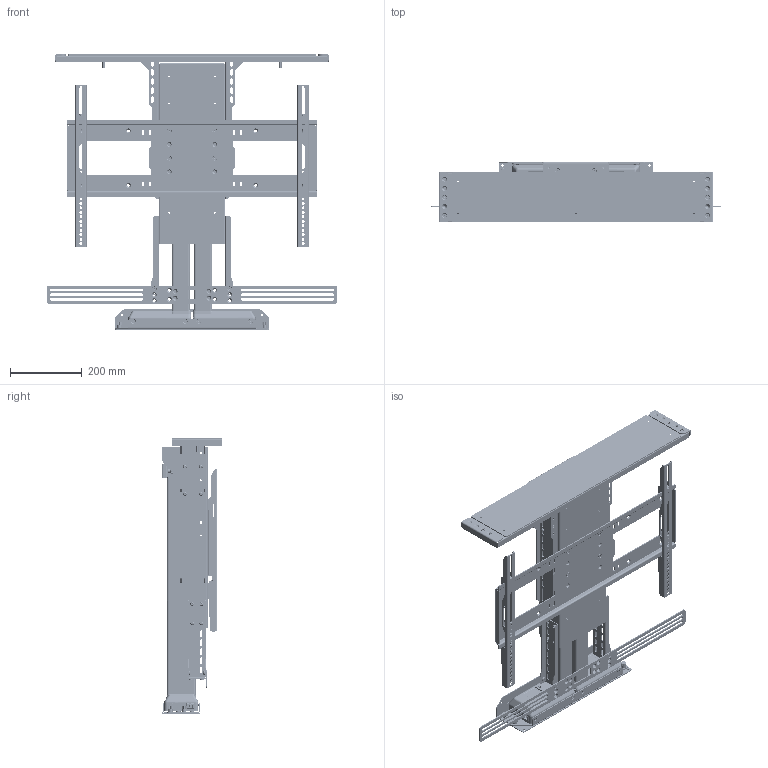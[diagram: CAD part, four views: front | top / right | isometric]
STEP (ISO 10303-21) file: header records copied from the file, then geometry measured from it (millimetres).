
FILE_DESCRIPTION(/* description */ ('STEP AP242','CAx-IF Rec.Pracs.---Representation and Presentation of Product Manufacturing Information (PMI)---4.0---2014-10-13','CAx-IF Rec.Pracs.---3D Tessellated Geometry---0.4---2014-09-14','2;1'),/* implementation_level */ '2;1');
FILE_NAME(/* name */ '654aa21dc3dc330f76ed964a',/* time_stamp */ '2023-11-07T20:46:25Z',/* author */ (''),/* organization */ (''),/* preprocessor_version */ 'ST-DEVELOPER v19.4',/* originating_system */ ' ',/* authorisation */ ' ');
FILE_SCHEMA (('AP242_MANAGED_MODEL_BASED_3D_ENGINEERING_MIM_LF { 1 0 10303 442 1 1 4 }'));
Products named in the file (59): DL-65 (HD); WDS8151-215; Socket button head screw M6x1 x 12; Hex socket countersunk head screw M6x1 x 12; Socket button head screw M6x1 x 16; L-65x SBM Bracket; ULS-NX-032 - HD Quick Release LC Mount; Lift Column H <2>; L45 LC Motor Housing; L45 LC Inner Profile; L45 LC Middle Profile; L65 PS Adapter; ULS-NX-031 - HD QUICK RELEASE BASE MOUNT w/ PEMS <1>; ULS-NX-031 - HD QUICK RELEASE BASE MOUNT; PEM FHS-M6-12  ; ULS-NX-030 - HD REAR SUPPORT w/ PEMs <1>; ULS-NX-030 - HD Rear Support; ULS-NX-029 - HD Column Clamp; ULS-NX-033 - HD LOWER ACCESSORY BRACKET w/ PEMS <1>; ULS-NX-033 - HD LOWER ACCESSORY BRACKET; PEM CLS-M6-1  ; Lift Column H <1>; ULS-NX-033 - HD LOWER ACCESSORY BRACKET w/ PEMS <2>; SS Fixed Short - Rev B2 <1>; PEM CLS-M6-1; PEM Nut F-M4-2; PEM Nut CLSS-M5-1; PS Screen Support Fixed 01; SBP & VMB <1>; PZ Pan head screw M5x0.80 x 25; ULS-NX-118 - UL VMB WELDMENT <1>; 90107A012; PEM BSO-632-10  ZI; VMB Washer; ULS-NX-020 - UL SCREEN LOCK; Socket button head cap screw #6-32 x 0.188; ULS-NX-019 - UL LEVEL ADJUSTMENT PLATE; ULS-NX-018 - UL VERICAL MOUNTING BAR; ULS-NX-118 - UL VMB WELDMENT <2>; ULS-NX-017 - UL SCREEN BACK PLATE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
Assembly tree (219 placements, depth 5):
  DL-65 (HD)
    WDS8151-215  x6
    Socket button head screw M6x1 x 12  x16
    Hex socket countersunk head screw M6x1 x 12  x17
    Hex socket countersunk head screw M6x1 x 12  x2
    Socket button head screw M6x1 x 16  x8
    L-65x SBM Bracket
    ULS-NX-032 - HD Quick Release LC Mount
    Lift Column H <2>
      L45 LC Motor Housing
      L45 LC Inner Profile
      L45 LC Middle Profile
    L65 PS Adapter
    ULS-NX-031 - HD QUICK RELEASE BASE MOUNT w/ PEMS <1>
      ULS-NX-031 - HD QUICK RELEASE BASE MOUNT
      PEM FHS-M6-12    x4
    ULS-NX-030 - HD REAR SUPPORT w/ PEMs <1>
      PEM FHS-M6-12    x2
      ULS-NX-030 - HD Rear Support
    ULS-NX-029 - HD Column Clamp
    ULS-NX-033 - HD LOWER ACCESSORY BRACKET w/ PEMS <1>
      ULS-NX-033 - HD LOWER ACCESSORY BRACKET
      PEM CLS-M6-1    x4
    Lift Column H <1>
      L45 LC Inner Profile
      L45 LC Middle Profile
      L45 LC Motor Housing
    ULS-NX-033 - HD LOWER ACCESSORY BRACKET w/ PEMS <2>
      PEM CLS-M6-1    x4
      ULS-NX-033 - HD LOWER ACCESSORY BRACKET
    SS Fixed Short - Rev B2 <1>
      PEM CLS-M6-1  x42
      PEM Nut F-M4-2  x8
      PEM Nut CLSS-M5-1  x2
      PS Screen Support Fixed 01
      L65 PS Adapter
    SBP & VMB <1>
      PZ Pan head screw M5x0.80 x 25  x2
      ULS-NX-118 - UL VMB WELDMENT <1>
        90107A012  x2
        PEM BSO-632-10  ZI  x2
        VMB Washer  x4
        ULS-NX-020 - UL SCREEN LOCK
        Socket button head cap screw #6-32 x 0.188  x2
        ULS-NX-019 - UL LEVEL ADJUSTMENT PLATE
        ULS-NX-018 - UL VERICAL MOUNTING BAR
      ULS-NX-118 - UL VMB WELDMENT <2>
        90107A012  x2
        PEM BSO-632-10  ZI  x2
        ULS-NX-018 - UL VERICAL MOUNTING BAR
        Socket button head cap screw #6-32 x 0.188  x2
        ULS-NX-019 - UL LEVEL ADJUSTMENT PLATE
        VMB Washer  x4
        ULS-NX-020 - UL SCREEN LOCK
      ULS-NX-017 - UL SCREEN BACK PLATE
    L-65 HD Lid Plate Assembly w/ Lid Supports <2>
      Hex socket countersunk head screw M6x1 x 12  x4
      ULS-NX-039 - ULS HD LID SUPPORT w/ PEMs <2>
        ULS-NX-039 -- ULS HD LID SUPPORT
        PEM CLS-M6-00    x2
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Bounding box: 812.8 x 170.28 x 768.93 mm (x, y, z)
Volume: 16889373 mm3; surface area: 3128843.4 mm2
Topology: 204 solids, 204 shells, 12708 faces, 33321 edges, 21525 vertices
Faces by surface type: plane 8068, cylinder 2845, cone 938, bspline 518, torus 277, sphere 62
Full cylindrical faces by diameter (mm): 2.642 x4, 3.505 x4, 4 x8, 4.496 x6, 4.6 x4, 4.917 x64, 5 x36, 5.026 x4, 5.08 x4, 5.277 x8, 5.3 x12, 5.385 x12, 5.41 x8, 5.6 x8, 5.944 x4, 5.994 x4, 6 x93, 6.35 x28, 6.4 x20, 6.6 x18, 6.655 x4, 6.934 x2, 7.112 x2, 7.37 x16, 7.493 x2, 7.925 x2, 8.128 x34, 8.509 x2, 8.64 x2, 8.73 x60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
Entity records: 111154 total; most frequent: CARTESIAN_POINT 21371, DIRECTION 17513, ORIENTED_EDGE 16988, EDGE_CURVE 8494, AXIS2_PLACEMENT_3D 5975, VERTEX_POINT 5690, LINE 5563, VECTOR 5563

========

Task: Letter for letter, reproduce every record above and skip the pictures.

Expected answer:
[diagram: CAD part, four views: front | top / right | isometric]
STEP (ISO 10303-21) file: header records copied from the file, then geometry measured from it (millimetres).
FILE_DESCRIPTION(/* description */ ('STEP AP242','CAx-IF Rec.Pracs.---Representation and Presentation of Product Manufacturing Information (PMI)---4.0---2014-10-13','CAx-IF Rec.Pracs.---3D Tessellated Geometry---0.4---2014-09-14','2;1'),/* implementation_level */ '2;1');
FILE_NAME(/* name */ '654aa21dc3dc330f76ed964a',/* time_stamp */ '2023-11-07T20:46:25Z',/* author */ (''),/* organization */ (''),/* preprocessor_version */ 'ST-DEVELOPER v19.4',/* originating_system */ ' ',/* authorisation */ ' ');
FILE_SCHEMA (('AP242_MANAGED_MODEL_BASED_3D_ENGINEERING_MIM_LF { 1 0 10303 442 1 1 4 }'));
Products named in the file (59): DL-65 (HD); WDS8151-215; Socket button head screw M6x1 x 12; Hex socket countersunk head screw M6x1 x 12; Socket button head screw M6x1 x 16; L-65x SBM Bracket; ULS-NX-032 - HD Quick Release LC Mount; Lift Column H <2>; L45 LC Motor Housing; L45 LC Inner Profile; L45 LC Middle Profile; L65 PS Adapter; ULS-NX-031 - HD QUICK RELEASE BASE MOUNT w/ PEMS <1>; ULS-NX-031 - HD QUICK RELEASE BASE MOUNT; PEM FHS-M6-12  ; ULS-NX-030 - HD REAR SUPPORT w/ PEMs <1>; ULS-NX-030 - HD Rear Support; ULS-NX-029 - HD Column Clamp; ULS-NX-033 - HD LOWER ACCESSORY BRACKET w/ PEMS <1>; ULS-NX-033 - HD LOWER ACCESSORY BRACKET; PEM CLS-M6-1  ; Lift Column H <1>; ULS-NX-033 - HD LOWER ACCESSORY BRACKET w/ PEMS <2>; SS Fixed Short - Rev B2 <1>; PEM CLS-M6-1; PEM Nut F-M4-2; PEM Nut CLSS-M5-1; PS Screen Support Fixed 01; SBP & VMB <1>; PZ Pan head screw M5x0.80 x 25; ULS-NX-118 - UL VMB WELDMENT <1>; 90107A012; PEM BSO-632-10  ZI; VMB Washer; ULS-NX-020 - UL SCREEN LOCK; Socket button head cap screw #6-32 x 0.188; ULS-NX-019 - UL LEVEL ADJUSTMENT PLATE; ULS-NX-018 - UL VERICAL MOUNTING BAR; ULS-NX-118 - UL VMB WELDMENT <2>; ULS-NX-017 - UL SCREEN BACK PLATE
Assembly tree (219 placements, depth 5):
  DL-65 (HD)
    WDS8151-215  x6
    Socket button head screw M6x1 x 12  x16
    Hex socket countersunk head screw M6x1 x 12  x17
    Hex socket countersunk head screw M6x1 x 12  x2
    Socket button head screw M6x1 x 16  x8
    L-65x SBM Bracket
    ULS-NX-032 - HD Quick Release LC Mount
    Lift Column H <2>
      L45 LC Motor Housing
      L45 LC Inner Profile
      L45 LC Middle Profile
    L65 PS Adapter
    ULS-NX-031 - HD QUICK RELEASE BASE MOUNT w/ PEMS <1>
      ULS-NX-031 - HD QUICK RELEASE BASE MOUNT
      PEM FHS-M6-12    x4
    ULS-NX-030 - HD REAR SUPPORT w/ PEMs <1>
      PEM FHS-M6-12    x2
      ULS-NX-030 - HD Rear Support
    ULS-NX-029 - HD Column Clamp
    ULS-NX-033 - HD LOWER ACCESSORY BRACKET w/ PEMS <1>
      ULS-NX-033 - HD LOWER ACCESSORY BRACKET
      PEM CLS-M6-1    x4
    Lift Column H <1>
      L45 LC Inner Profile
      L45 LC Middle Profile
      L45 LC Motor Housing
    ULS-NX-033 - HD LOWER ACCESSORY BRACKET w/ PEMS <2>
      PEM CLS-M6-1    x4
      ULS-NX-033 - HD LOWER ACCESSORY BRACKET
    SS Fixed Short - Rev B2 <1>
      PEM CLS-M6-1  x42
      PEM Nut F-M4-2  x8
      PEM Nut CLSS-M5-1  x2
      PS Screen Support Fixed 01
      L65 PS Adapter
    SBP & VMB <1>
      PZ Pan head screw M5x0.80 x 25  x2
      ULS-NX-118 - UL VMB WELDMENT <1>
        90107A012  x2
        PEM BSO-632-10  ZI  x2
        VMB Washer  x4
        ULS-NX-020 - UL SCREEN LOCK
        Socket button head cap screw #6-32 x 0.188  x2
        ULS-NX-019 - UL LEVEL ADJUSTMENT PLATE
        ULS-NX-018 - UL VERICAL MOUNTING BAR
      ULS-NX-118 - UL VMB WELDMENT <2>
        90107A012  x2
        PEM BSO-632-10  ZI  x2
        ULS-NX-018 - UL VERICAL MOUNTING BAR
        Socket button head cap screw #6-32 x 0.188  x2
        ULS-NX-019 - UL LEVEL ADJUSTMENT PLATE
        VMB Washer  x4
        ULS-NX-020 - UL SCREEN LOCK
      ULS-NX-017 - UL SCREEN BACK PLATE
    L-65 HD Lid Plate Assembly w/ Lid Supports <2>
      Hex socket countersunk head screw M6x1 x 12  x4
      ULS-NX-039 - ULS HD LID SUPPORT w/ PEMs <2>
        ULS-NX-039 -- ULS HD LID SUPPORT
        PEM CLS-M6-00    x2
Bounding box: 812.8 x 170.28 x 768.93 mm (x, y, z)
Volume: 16889373 mm3; surface area: 3128843.4 mm2
Topology: 204 solids, 204 shells, 12708 faces, 33321 edges, 21525 vertices
Faces by surface type: plane 8068, cylinder 2845, cone 938, bspline 518, torus 277, sphere 62
Full cylindrical faces by diameter (mm): 2.642 x4, 3.505 x4, 4 x8, 4.496 x6, 4.6 x4, 4.917 x64, 5 x36, 5.026 x4, 5.08 x4, 5.277 x8, 5.3 x12, 5.385 x12, 5.41 x8, 5.6 x8, 5.944 x4, 5.994 x4, 6 x93, 6.35 x28, 6.4 x20, 6.6 x18, 6.655 x4, 6.934 x2, 7.112 x2, 7.37 x16, 7.493 x2, 7.925 x2, 8.128 x34, 8.509 x2, 8.64 x2, 8.73 x60
Entity records: 111154 total; most frequent: CARTESIAN_POINT 21371, DIRECTION 17513, ORIENTED_EDGE 16988, EDGE_CURVE 8494, AXIS2_PLACEMENT_3D 5975, VERTEX_POINT 5690, LINE 5563, VECTOR 5563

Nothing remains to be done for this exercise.